Your assignment:
Only the lines from the top of the records below through the line containing "made of it])" should be printed, exactly and without pictures.

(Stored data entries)
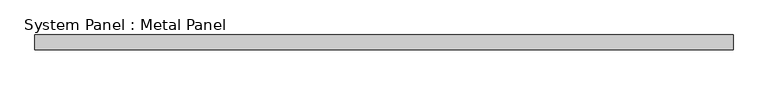
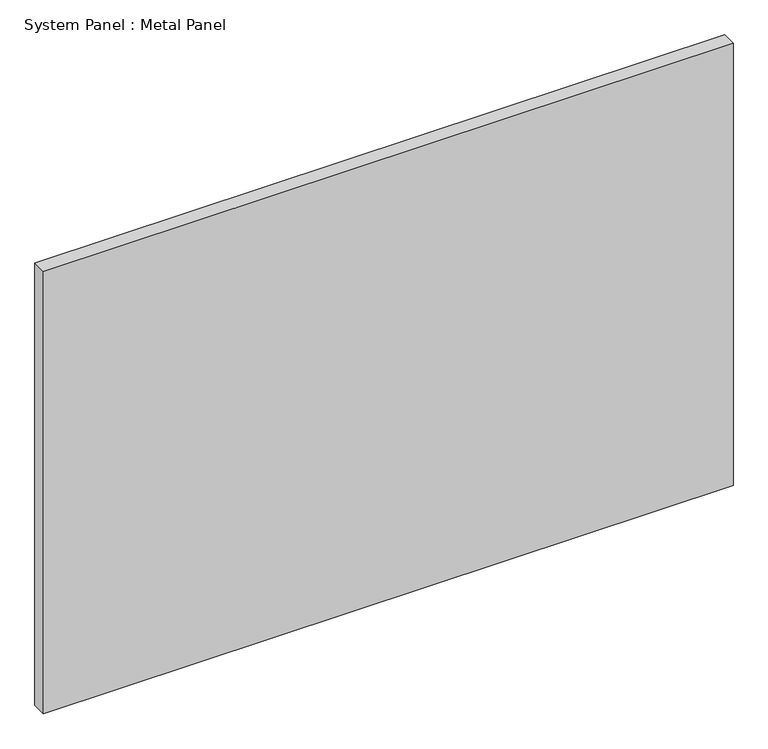
"""IFC4 building model written with IfcOpenShell, lengths in millimetres: plate geometry, System Panel : Metal Panel."""

import ifcopenshell
import ifcopenshell.guid

model = None  # the IFC model being written
_history = None  # IfcOwnerHistory: only IFC2X3 demands one
_inside = {}  # id of a spatial element -> (the spatial element, [elements in it])
_under = {}  # id of a project, library or spatial element -> (it, [spatial elements below it])
_declared = {}  # id of a project -> (the project, [libraries it declares])
_typed = {}  # id of a type object -> (the type object, [elements of that type])
_made_of = {}  # id of a material, layer set ... -> (it, [elements and type objects made of it])


def new_model(schema):
    """Start an empty IFC model of exactly this schema.

    Asked for "IFC4X3", IfcOpenShell would pick the latest addendum, in which some entities
    have other attributes; the version numbers below select the first issue.
    IFC2X3 requires an IfcOwnerHistory on every rooted entity: one is made here for all.
    """
    global model, _history
    if schema == "IFC4X3":
        model = ifcopenshell.file(schema_version=(4, 3, 0, 0))
    else:
        model = ifcopenshell.file(schema=schema)
    _inside.clear()
    _under.clear()
    _declared.clear()
    _typed.clear()
    _made_of.clear()
    _history = None
    if model.schema == "IFC2X3":
        org = make("IfcOrganization", Name="unknown")
        user = make(
            "IfcPersonAndOrganization",
            ThePerson=make("IfcPerson", FamilyName="unknown"),
            TheOrganization=org,
        )
        app = make(
            "IfcApplication",
            ApplicationDeveloper=org,
            Version="unknown",
            ApplicationFullName="unknown",
            ApplicationIdentifier="unknown",
        )
        _history = make(
            "IfcOwnerHistory",
            OwningUser=user,
            OwningApplication=app,
            ChangeAction="ADDED",
            CreationDate=0,
        )
    return model


def make(cls, **values):
    """One entity of the class cls with the attributes given. An attribute that is None is left unset."""
    return model.create_entity(
        cls, **{name: value for name, value in values.items() if value is not None}
    )


def rooted(cls, **values):
    """An entity with a GlobalId (a new one), such as an element, a storey or a relation."""
    return make(cls, GlobalId=ifcopenshell.guid.new(), OwnerHistory=_history, **values)


def si_unit(unit_type, name, prefix=None):
    """IfcSIUnit, for example si_unit("LENGTHUNIT", "METRE", prefix="MILLI")."""
    return make("IfcSIUnit", UnitType=unit_type, Prefix=prefix, Name=name)


def assignment(units):
    """IfcUnitAssignment: the units of a project."""
    return None if units is None else make("IfcUnitAssignment", Units=units)


def point(xyz):
    """IfcCartesianPoint."""
    return None if xyz is None else make("IfcCartesianPoint", Coordinates=xyz)


def direction(xyz):
    """IfcDirection."""
    return None if xyz is None else make("IfcDirection", DirectionRatios=xyz)


def frame(location, z_axis=None, x_axis=None):
    """IfcAxis2Placement3D, a coordinate frame: its origin and axes. An axis left out is left unset."""
    return make(
        "IfcAxis2Placement3D",
        Location=point(location),
        Axis=direction(z_axis),
        RefDirection=direction(x_axis),
    )


def origin():
    """The frame at (0, 0, 0) with its axes left unset."""
    return frame((0.0, 0.0, 0.0))


def origin_with_axes():
    """The frame at (0, 0, 0) with the z axis (0, 0, 1) and the x axis (1, 0, 0) written out."""
    return frame((0.0, 0.0, 0.0), z_axis=(0.0, 0.0, 1.0), x_axis=(1.0, 0.0, 0.0))


def place(relative_to, where):
    """IfcLocalPlacement: puts the frame where relative to a parent placement (None: the world)."""
    return make(
        "IfcLocalPlacement", PlacementRelTo=relative_to, RelativePlacement=where
    )


def context(
    kind, dimensions, precision=None, world=None, true_north=None, identifier=None
):
    """IfcGeometricRepresentationContext, for example the 3D "Model" context."""
    return make(
        "IfcGeometricRepresentationContext",
        ContextIdentifier=identifier,
        ContextType=kind,
        CoordinateSpaceDimension=dimensions,
        Precision=precision,
        WorldCoordinateSystem=world,
        TrueNorth=true_north,
    )


def project(units=None, contexts=None):
    """IfcProject with its units and contexts."""
    return rooted(
        "IfcProject",
        Name="project",
        RepresentationContexts=contexts,
        UnitsInContext=assignment(units),
    )


def spatial(cls, under=None, at=None, **own):
    """A site, building, storey or space (cls), placed at a placement, below another one or the project."""
    s = rooted(cls, ObjectPlacement=at, **own)
    if under is not None:
        _under.setdefault(under.id(), (under, []))[1].append(s)
    return s


def polyline(points):
    """IfcPolyline through the points."""
    return make("IfcPolyline", Points=[point(p) for p in points])


def outline(outer, holes=None, kind="AREA"):
    """IfcArbitraryClosedProfileDef: a profile drawn as a closed curve; with holes, ...WithVoids."""
    if holes is None:
        return make("IfcArbitraryClosedProfileDef", ProfileType=kind, OuterCurve=outer)
    return make(
        "IfcArbitraryProfileDefWithVoids",
        ProfileType=kind,
        OuterCurve=outer,
        InnerCurves=holes,
    )


def extrude(swept, where, along, depth):
    """IfcExtrudedAreaSolid: the profile swept, set in the frame where, extruded along a direction by depth."""
    return make(
        "IfcExtrudedAreaSolid",
        SweptArea=swept,
        Position=where,
        ExtrudedDirection=direction(along),
        Depth=depth,
    )


def shape(context_of_items, identifier, shape_type, items):
    """IfcShapeRepresentation: the items that make up one representation, for example the "Body"."""
    return make(
        "IfcShapeRepresentation",
        ContextOfItems=context_of_items,
        RepresentationIdentifier=identifier,
        RepresentationType=shape_type,
        Items=items,
    )


def source(mapping_origin, context_of_items, identifier, shape_type, items):
    """IfcRepresentationMap: a shape defined once, which mapped items show again and again."""
    return make(
        "IfcRepresentationMap",
        MappingOrigin=mapping_origin,
        MappedRepresentation=shape(context_of_items, identifier, shape_type, items),
    )


def transform(
    local_origin,
    x_axis=None,
    y_axis=None,
    z_axis=None,
    scale=None,
    scale2=None,
    scale3=None,
    uniform=True,
):
    """IfcCartesianTransformationOperator3D, or its non-uniform kind. x_axis, y_axis, z_axis: its Axis1, 2, 3."""
    if uniform:
        return make(
            "IfcCartesianTransformationOperator3D",
            Axis1=direction(x_axis),
            Axis2=direction(y_axis),
            LocalOrigin=point(local_origin),
            Scale=scale,
            Axis3=direction(z_axis),
        )
    return make(
        "IfcCartesianTransformationOperator3DnonUniform",
        Axis1=direction(x_axis),
        Axis2=direction(y_axis),
        LocalOrigin=point(local_origin),
        Scale=scale,
        Axis3=direction(z_axis),
        Scale2=scale2,
        Scale3=scale3,
    )


def mapped(mapping_source, mapping_target):
    """IfcMappedItem: shows the shape of a source again, moved by a transform."""
    return make(
        "IfcMappedItem", MappingSource=mapping_source, MappingTarget=mapping_target
    )


def made_of(thing, what):
    """Note that an element or type object is made of a material, layer set ...; save() writes the relation."""
    if what is not None:
        _made_of.setdefault(what.id(), (what, []))[1].append(thing)
    return thing


def element(
    cls,
    number,
    at=None,
    inside=None,
    cuts=None,
    type_object=None,
    material=None,
    context=None,
    identifier="Body",
    shape_type=None,
    held_by="IfcProductDefinitionShape",
    body=None,
    shapes=None,
    **own,
):
    """One element of the class cls, such as IfcWall. Its Tag is "e" and its number.

    at: its placement. inside: the storey or other place that contains it. cuts: it is an
    opening in that element (IfcRelVoidsElement). A single representation is given by context,
    identifier, shape_type and body (its items); several are given by shapes. held_by: the class
    of the entity that holds the representations. save() writes the other relations.
    """
    e = rooted(cls, Tag="e%d" % number, ObjectPlacement=at, **own)
    if body is not None:
        shapes = [shape(context, identifier, shape_type, body)]
    if shapes is not None:
        e.Representation = make(held_by, Representations=shapes)
    if inside is not None:
        _inside.setdefault(inside.id(), (inside, []))[1].append(e)
    if cuts is not None:
        rooted(
            "IfcRelVoidsElement", RelatingBuildingElement=cuts, RelatedOpeningElement=e
        )
    if type_object is not None:
        _typed.setdefault(type_object.id(), (type_object, []))[1].append(e)
    return made_of(e, material)


def aggregate(whole, parts):
    """IfcRelAggregates: a whole, such as a stair, and the parts it consists of."""
    return rooted("IfcRelAggregates", RelatingObject=whole, RelatedObjects=parts)


def save(model, path):
    """Write the relations noted so far, then the file.

    IfcRelAggregates (storeys below a building ...), IfcRelContainedInSpatialStructure (elements
    in a storey), IfcRelDefinesByType, IfcRelAssociatesMaterial and IfcRelDeclares: one each for
    every whole, place, type object, material and project.
    """
    for whole, parts in _under.values():
        aggregate(whole, parts)
    for where, things in _inside.values():
        rooted(
            "IfcRelContainedInSpatialStructure",
            RelatedElements=things,
            RelatingStructure=where,
        )
    for kind, things in _typed.values():
        rooted("IfcRelDefinesByType", RelatedObjects=things, RelatingType=kind)
    for what, things in _made_of.values():
        rooted("IfcRelAssociatesMaterial", RelatedObjects=things, RelatingMaterial=what)
    for by, libraries in _declared.values():
        rooted("IfcRelDeclares", RelatingContext=by, RelatedDefinitions=libraries)
    model.write(path)


def system_panel_metal_panel_947f48db(model_context):
    return source(origin(), model_context, "Body", "SweptSolid", [
        extrude(outline(polyline([(603.7494819, 19.05), (-603.7494819, 19.05), (-603.7494819, 44.45), (603.7494819, 44.45), (603.7494819, 19.05)])), origin_with_axes(), (0.0, 0.0, 1.0), 819.15),
    ])


if __name__ == "__main__":
    model = new_model("IFC4")
    model_context = context("Model", 3, world=origin())
    ifc_project = project(units=[si_unit("LENGTHUNIT", "METRE", prefix="MILLI")], contexts=[model_context])
    site = spatial("IfcSite", under=ifc_project)
    building = spatial("IfcBuilding", under=site)
    placement = place(None, origin())
    system_panel_metal_panel_shape = system_panel_metal_panel_947f48db(model_context)
    element("IfcPlate", 1, ObjectType="System Panel : Metal Panel", at=placement, inside=building, context=model_context, shape_type="MappedRepresentation", body=[
        mapped(system_panel_metal_panel_shape, transform((0.0, 0.0, 0.0), x_axis=(1.0, 0.0, 0.0), y_axis=(0.0, 1.0, 0.0), z_axis=(0.0, 0.0, 1.0))),
    ])
    save(model, "model.ifc")

# Revit data of these elements
# Element 1 (IfcPlate, "System Panel : Metal Panel")
#   Materials on its faces: "Aluminum"
# Materials
#   "Aluminum": class "Metal", colour RGB 247 247 247, transparency 0, Description = "Aluminum 6061", Cost = 0

Response area:
"""IFC4 building model written with IfcOpenShell, lengths in millimetres: plate geometry, System Panel : Metal Panel."""

import ifcopenshell
import ifcopenshell.guid

model = None  # the IFC model being written
_history = None  # IfcOwnerHistory: only IFC2X3 demands one
_inside = {}  # id of a spatial element -> (the spatial element, [elements in it])
_under = {}  # id of a project, library or spatial element -> (it, [spatial elements below it])
_declared = {}  # id of a project -> (the project, [libraries it declares])
_typed = {}  # id of a type object -> (the type object, [elements of that type])
_made_of = {}  # id of a material, layer set ... -> (it, [elements and type objects made of it])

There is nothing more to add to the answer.